# Rotation energy

1. Feb 22, 2005

### UrbanXrisis

The center of mass of a pitched base ball (radius=3.8cm) moves at 38m/s. The ball spins about an axis through its center of mass with an angular speed of 125 rad/s. Calculate the ratio of the rotational energy to the translational kinetic energy.

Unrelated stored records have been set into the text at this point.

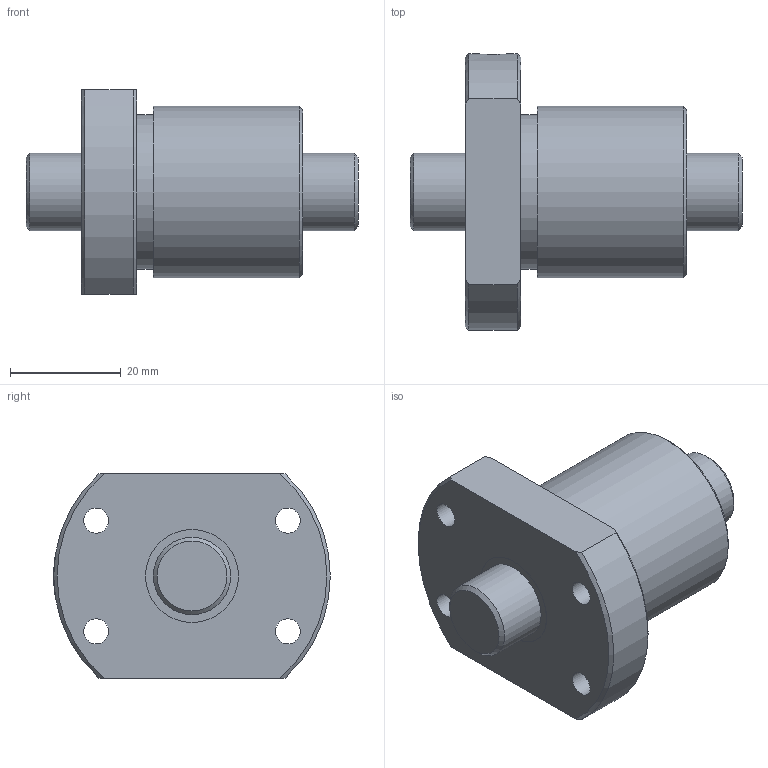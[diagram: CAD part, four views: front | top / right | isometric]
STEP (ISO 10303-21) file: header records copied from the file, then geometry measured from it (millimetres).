
FILE_DESCRIPTION(/* description */ ('STEP AP203'),/* implementation_level */ '2;1');
FILE_NAME(/* name */ 'BTK1404V-3.6ZZ+60LC7T_000',/* time_stamp */ '2025-01-16T07:55:51+01:00',/* author */ ('License CC BY-ND 4.0'),/* organization */ ('CADENAS'),/* preprocessor_version */ 'ST-DEVELOPER v19.3',/* originating_system */ 'PARTsolutions',/* authorisation */ ' ');
FILE_SCHEMA (('CONFIG_CONTROL_DESIGN'));
Length unit declared in the file: millimetre
Products named in the file (3): BTK1404V-3.6ZZ+60LC7T_000; BTK 1404V-3.600 Shaft; BTK 1404V-3.6ZZ Nut
Assembly tree (2 placements, depth 2):
  BTK1404V-3.6ZZ+60LC7T_000
    BTK 1404V-3.600 Shaft
    BTK 1404V-3.6ZZ Nut
Bounding box: 60 x 50 x 37 mm (x, y, z)
Volume: 40866.6 mm3; surface area: 12950.9 mm2
Topology: 2 solids, 2 shells, 31 faces, 66 edges, 43 vertices
Faces by surface type: cylinder 13, plane 10, cone 8
Full cylindrical faces by diameter (mm): 4.5 x4, 4.917 x1, 14 x2, 16.8 x2, 27.9 x1, 31 x1
Entity records: 887 total; most frequent: CARTESIAN_POINT 170, DIRECTION 140, ORIENTED_EDGE 100, AXIS2_PLACEMENT_3D 66, EDGE_LOOP 62, FACE_BOUND 62, EDGE_CURVE 50, VERTEX_POINT 42
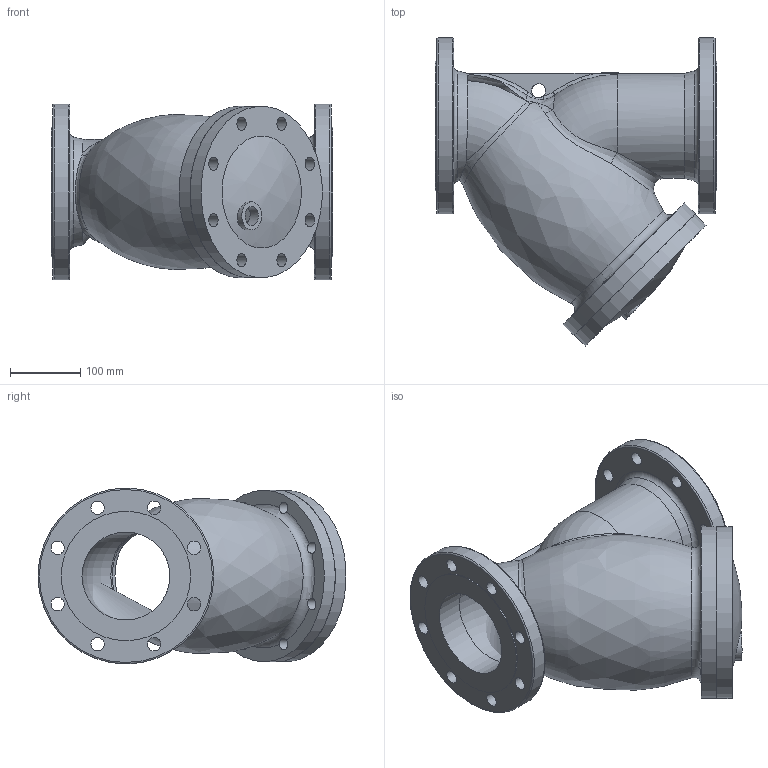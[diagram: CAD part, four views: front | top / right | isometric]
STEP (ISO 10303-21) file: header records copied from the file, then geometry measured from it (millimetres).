
FILE_DESCRIPTION(/* description */ ('STEP AP203'),/* implementation_level */ '2;1');
FILE_NAME(/* name */ '',/* time_stamp */ '2024-12-10T11:52:07+07:00',/* author */ ('Eva'),/* organization */ (''),/* preprocessor_version */ 'ST-DEVELOPER v20',/* originating_system */ 'Autodesk Inventor 2025',/* authorisation */ '');
FILE_SCHEMA (('AUTOMOTIVE_DESIGN { 1 0 10303 214 3 1 1 }'));
Length unit declared in the file: metre
Products named in the file (4): 德标过滤器125; 德标过滤器125(2); 零件1; 零件2
Assembly tree (3 placements, depth 3):
  德标过滤器125
    德标过滤器125(2)
      零件1
      零件2
Bounding box: 400 x 437.92 x 250 mm (x, y, z)
Volume: 6293015.8 mm3; surface area: 895769.9 mm2
Topology: 2 solids, 2 shells, 113 faces, 308 edges, 200 vertices
Faces by surface type: cylinder 52, plane 21, bspline 19, torus 16, cone 3, sphere 2
Full cylindrical faces by diameter (mm): 16 x8, 19 x24, 20 x1, 26.906 x1, 40 x1, 125 x4, 138 x1, 139 x1, 140 x1, 149 x1, 184 x2, 244 x2, 250 x2
Entity records: 10544 total; most frequent: CARTESIAN_POINT 7487, ORIENTED_EDGE 616, DIRECTION 601, EDGE_CURVE 308, AXIS2_PLACEMENT_3D 271, VERTEX_POINT 200, EDGE_LOOP 186, CIRCLE 163
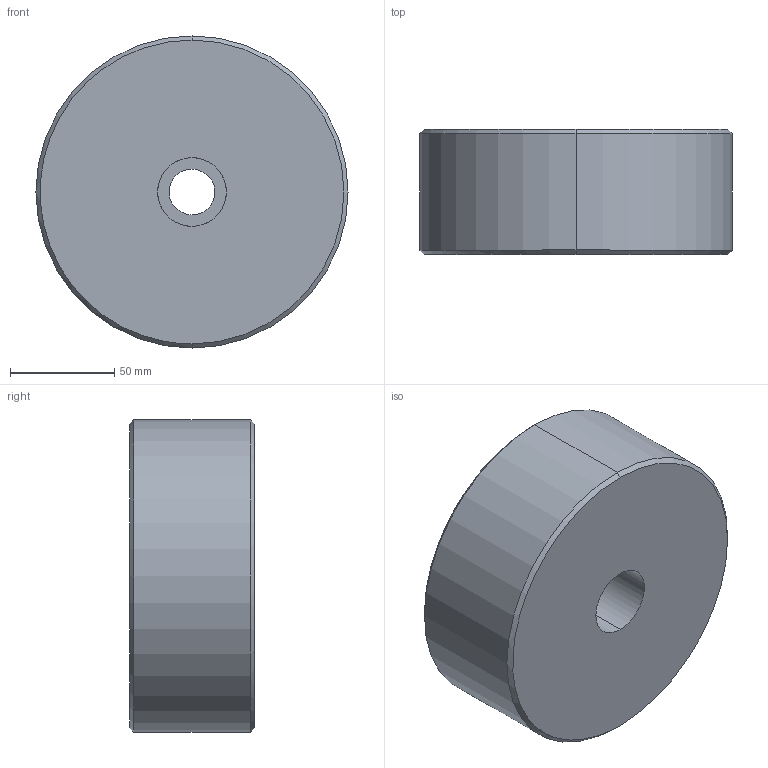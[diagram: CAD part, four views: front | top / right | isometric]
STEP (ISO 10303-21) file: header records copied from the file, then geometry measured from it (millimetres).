
FILE_DESCRIPTION(('CATIA V5 STEP Exchange'),'2;1');
FILE_NAME('C:\Users\Utente\Desktop\IO LAVORO\3D X SITO CF\X 3D SITO CF 27-09-2020\758\758+150+60+15.stp','2020-10-28T19:33:00+00:00',('none'),('none'),'CATIA Version 5 Release 20 GA (IN-10)','CATIA V5 STEP AP203','none');
FILE_SCHEMA(('CONFIG_CONTROL_DESIGN'));
Length unit declared in the file: millimetre
Products named in the file (1): 758+150+60+15
Bounding box: 150 x 60 x 150 mm (x, y, z)
Volume: 1014228.9 mm3; surface area: 67444.4 mm2
Topology: 1 solids, 1 shells, 13 faces, 26 edges, 16 vertices
Faces by surface type: cylinder 6, cone 4, plane 3
Entity records: 521 total; most frequent: CARTESIAN_POINT 217, ORIENTED_EDGE 52, DIRECTION 45, EDGE_CURVE 26, AXIS2_PLACEMENT_3D 23, EDGE_LOOP 16, VERTEX_POINT 16, ADVANCED_FACE 13
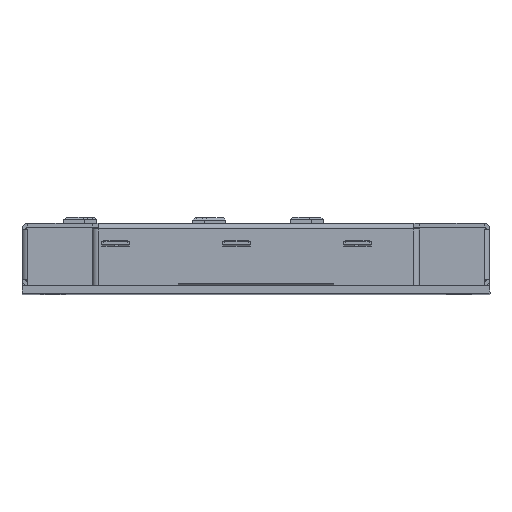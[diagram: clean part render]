
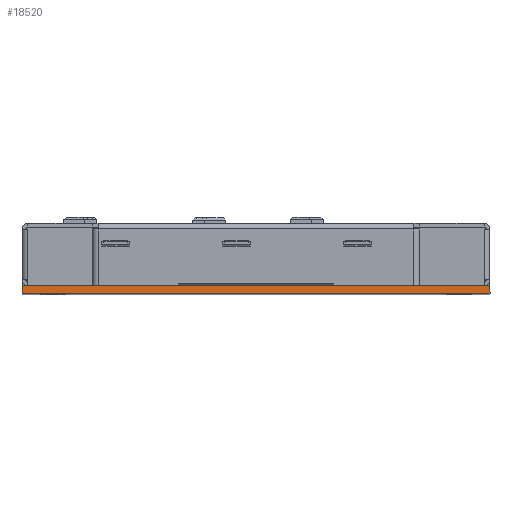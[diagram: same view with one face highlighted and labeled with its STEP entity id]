
A CAD part, top view. The second image highlights one B-rep face of the part: STEP entity #18520.
In plain terms, the highlighted planar face has unit normal (0, 0, 1).
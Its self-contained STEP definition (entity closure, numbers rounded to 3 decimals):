
#14011 = VERTEX_POINT ( 'NONE', #43742 ) ;
#14015 = EDGE_CURVE ( 'NONE', #14011, #14044, #43747, .T. ) ;
#14044 = VERTEX_POINT ( 'NONE', #44825 ) ;
#18253 = EDGE_CURVE ( 'NONE', #14011, #18496, #51760, .T. ) ;
#18267 = EDGE_CURVE ( 'NONE', #14044, #18491, #52199, .T. ) ;
#18491 = VERTEX_POINT ( 'NONE', #53077 ) ;
#18495 = EDGE_CURVE ( 'NONE', #18496, #18491, #53185, .T. ) ;
#18496 = VERTEX_POINT ( 'NONE', #53181 ) ;
#18520 = ADVANCED_FACE ( 'NONE', ( #53232 ), #53231, .F. ) ;
#18521 = EDGE_LOOP ( 'NONE', ( #18522, #18523, #18524, #18525 ) ) ;
#18522 = ORIENTED_EDGE ( 'NONE', *, *, #18495, .T. ) ;
#18523 = ORIENTED_EDGE ( 'NONE', *, *, #18267, .F. ) ;
#18524 = ORIENTED_EDGE ( 'NONE', *, *, #14015, .F. ) ;
#18525 = ORIENTED_EDGE ( 'NONE', *, *, #18253, .T. ) ;
#43742 = CARTESIAN_POINT ( 'NONE',  ( 0., -15., 0. ) ) ;
#43744 = DIRECTION ( 'NONE',  ( 1., 0., 0. ) ) ;
#43745 = VECTOR ( 'NONE', #43744, 1000. ) ;
#43746 = CARTESIAN_POINT ( 'NONE',  ( 120., -15., 0. ) ) ;
#43747 = LINE ( 'NONE', #43746, #43745 ) ;
#44825 = CARTESIAN_POINT ( 'NONE',  ( 120., -15., 0. ) ) ;
#51756 = DIRECTION ( 'NONE',  ( 0., -1., 0. ) ) ;
#51758 = VECTOR ( 'NONE', #51756, 1000. ) ;
#51759 = CARTESIAN_POINT ( 'NONE',  ( 0., -15., 0. ) ) ;
#51760 = LINE ( 'NONE', #51759, #51758 ) ;
#52193 = DIRECTION ( 'NONE',  ( 0., -1., 0. ) ) ;
#52194 = VECTOR ( 'NONE', #52193, 1000. ) ;
#52196 = CARTESIAN_POINT ( 'NONE',  ( 120., -15., 0. ) ) ;
#52199 = LINE ( 'NONE', #52196, #52194 ) ;
#53077 = CARTESIAN_POINT ( 'NONE',  ( 120., -17., 0. ) ) ;
#53181 = CARTESIAN_POINT ( 'NONE',  ( 0., -17., 0. ) ) ;
#53182 = DIRECTION ( 'NONE',  ( 1., 0., 0. ) ) ;
#53183 = VECTOR ( 'NONE', #53182, 1000. ) ;
#53184 = CARTESIAN_POINT ( 'NONE',  ( 120., -17., 0. ) ) ;
#53185 = LINE ( 'NONE', #53184, #53183 ) ;
#53223 = DIRECTION ( 'NONE',  ( 0., -1., 0. ) ) ;
#53224 = DIRECTION ( 'NONE',  ( 0., 0., -1. ) ) ;
#53226 = CARTESIAN_POINT ( 'NONE',  ( 120., -15., 0. ) ) ;
#53230 = AXIS2_PLACEMENT_3D ( 'NONE', #53226, #53224, #53223 ) ;
#53231 = PLANE ( 'NONE',  #53230 ) ;
#53232 = FACE_OUTER_BOUND ( 'NONE', #18521, .T. ) ;
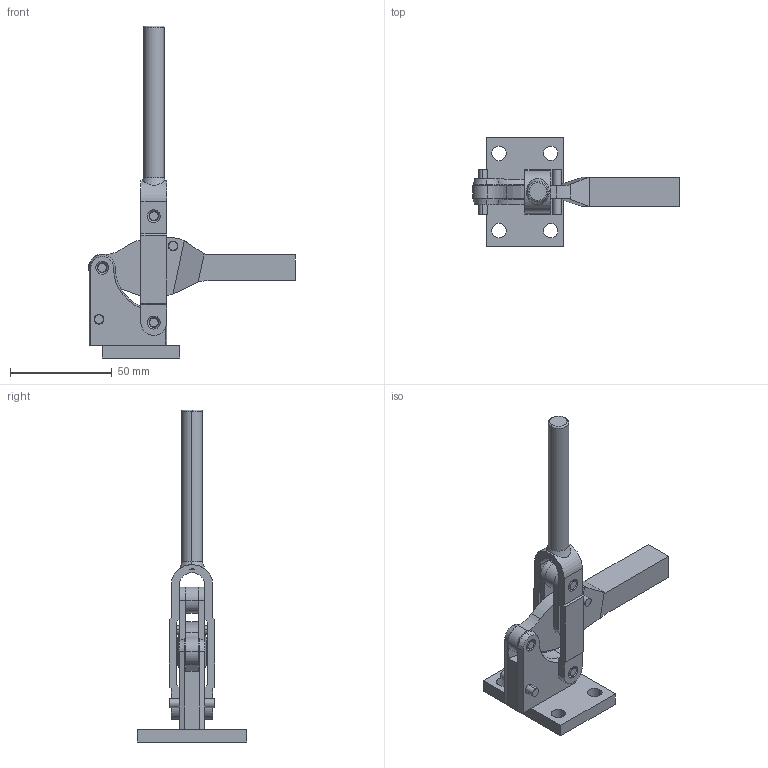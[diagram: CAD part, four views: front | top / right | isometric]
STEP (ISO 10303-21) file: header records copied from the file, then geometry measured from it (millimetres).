
FILE_DESCRIPTION( ( '' ), '1' );
FILE_NAME( 'C:\Documents and Settings\Richard Grenzke\My Documents\Wolverine Company Data\WOLVERINE CD 5_17_05\SOLIDS STEP\hold_down\cq905a.stp', ' ', ( '' ), ( '' ), 'ACIS Interop R16', 'Kubotek KeyCreator V5.5.1 (0454)', ' ' );
FILE_SCHEMA( ( 'CONFIG_CONTROL_DESIGN' ) );
Length unit declared in the file: inch
Products named in the file (13): 1; 2; 3; 4; 5; 6; 7; 8; 9; 10; 11; 12; 13
Bounding box: 101.94 x 53.98 x 163.5 mm (x, y, z)
Volume: 57749.5 mm3; surface area: 28346.1 mm2
Topology: 12 solids, 12 shells, 195 faces, 513 edges, 344 vertices
Faces by surface type: cylinder 81, plane 78, cone 30, sphere 4, torus 2
Entity records: 6856 total; most frequent: DIRECTION 1163, CARTESIAN_POINT 1151, ORIENTED_EDGE 1026, EDGE_CURVE 513, AXIS2_PLACEMENT_3D 452, VERTEX_POINT 344, LINE 259, VECTOR 259
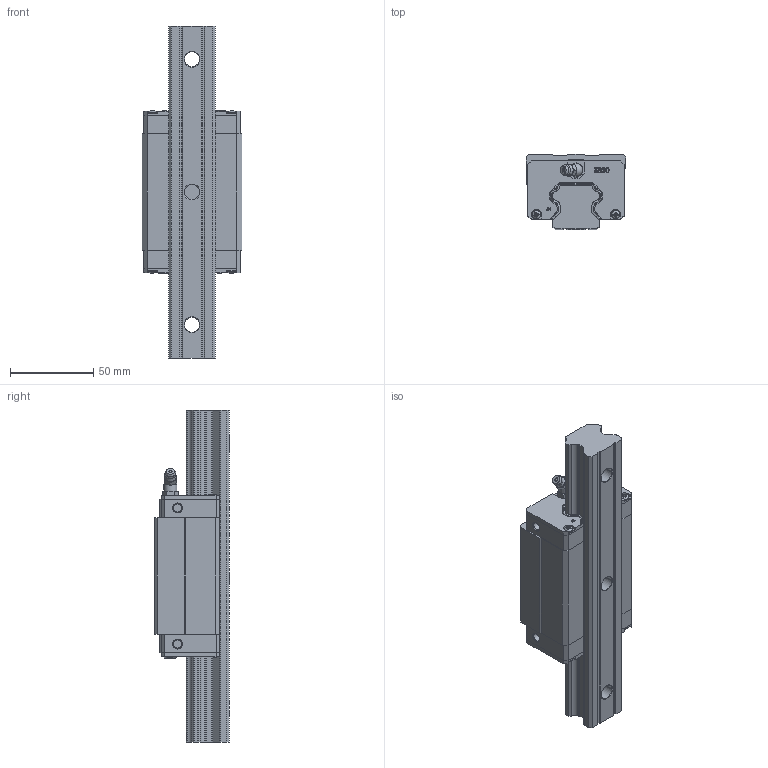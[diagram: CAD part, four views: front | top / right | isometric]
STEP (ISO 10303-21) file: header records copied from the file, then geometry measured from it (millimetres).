
FILE_DESCRIPTION(/* description */ (''),/* implementation_level */ '2;1');
FILE_NAME(/* name */ 'HBH30CA.stp',/* time_stamp */ '2024-09-29T20:49:09+08:00',/* author */ (''),/* organization */ (''),/* preprocessor_version */ 'ST-DEVELOPER v16.7',/* originating_system */ 'SIEMENS PLM Software NX 12.0',/* authorisation */ '');
FILE_SCHEMA (('AUTOMOTIVE_DESIGN { 1 0 10303 214 3 1 1 1 }'));
Products named in the file (3): HBH30CA; HBR30; HBH30CA_stp
Assembly tree (2 placements, depth 2):
  HBH30CA_stp
    HBR30
    HBH30CA
Bounding box: 60 x 45 x 200 mm (x, y, z)
Volume: 284574.4 mm3; surface area: 61680 mm2
Topology: 2 solids, 9 shells, 1048 faces, 2856 edges, 1877 vertices
Faces by surface type: plane 585, cylinder 221, extrusion 120, cone 72, bspline 40, torus 7, sphere 3
Full cylindrical faces by diameter (mm): 3 x1, 3.4 x4, 3.7 x1, 5 x4, 6.4 x2, 6.8 x28, 7.8 x1, 8.002 x2, 8.3 x1
Entity records: 74782 total; most frequent: CARTESIAN_POINT 43534, ORIENTED_EDGE 5404, DIRECTION 4513, EDGE_CURVE 2702, VERTEX_POINT 1800, VECTOR 1679, LINE 1559, AXIS2_PLACEMENT_3D 1417

Treat the ball as a uniform sphere.

$$0.5Iw^2:0.5mv^2$$
$$I=mr^2=m(.038m)^2=m0.001444$$
$$0.5m0.001444(125rad/s)^2:0.5m(39m/s)^2$$
$$22.5625:1444$$
$$1:64$$

is this correct?

Last edited: Feb 22, 2005
2. Feb 22, 2005

### mooshasta

The moment of inertia for a uniform sphere is as follows:

$$I = \frac{2}{5}m\,r^{2}$$

3. Feb 22, 2005

### UrbanXrisis

thanks:

$$0.5Iw^2:0.5mv^2$$
$$I=(2/5)mr^2=m(2/5)(.038m)^2=m5.776E-4$$
$$0.5m(5.776E-4)(125rad/s)^2:0.5m(39m/s)^2$$
$$9.025:1444$$
$$1:160$$

is this correct?

4. Feb 22, 2005

### mooshasta

Looks good to me..

5. Feb 22, 2005

### UrbanXrisis

why is the kinetic energy so much larger than the rotational energy?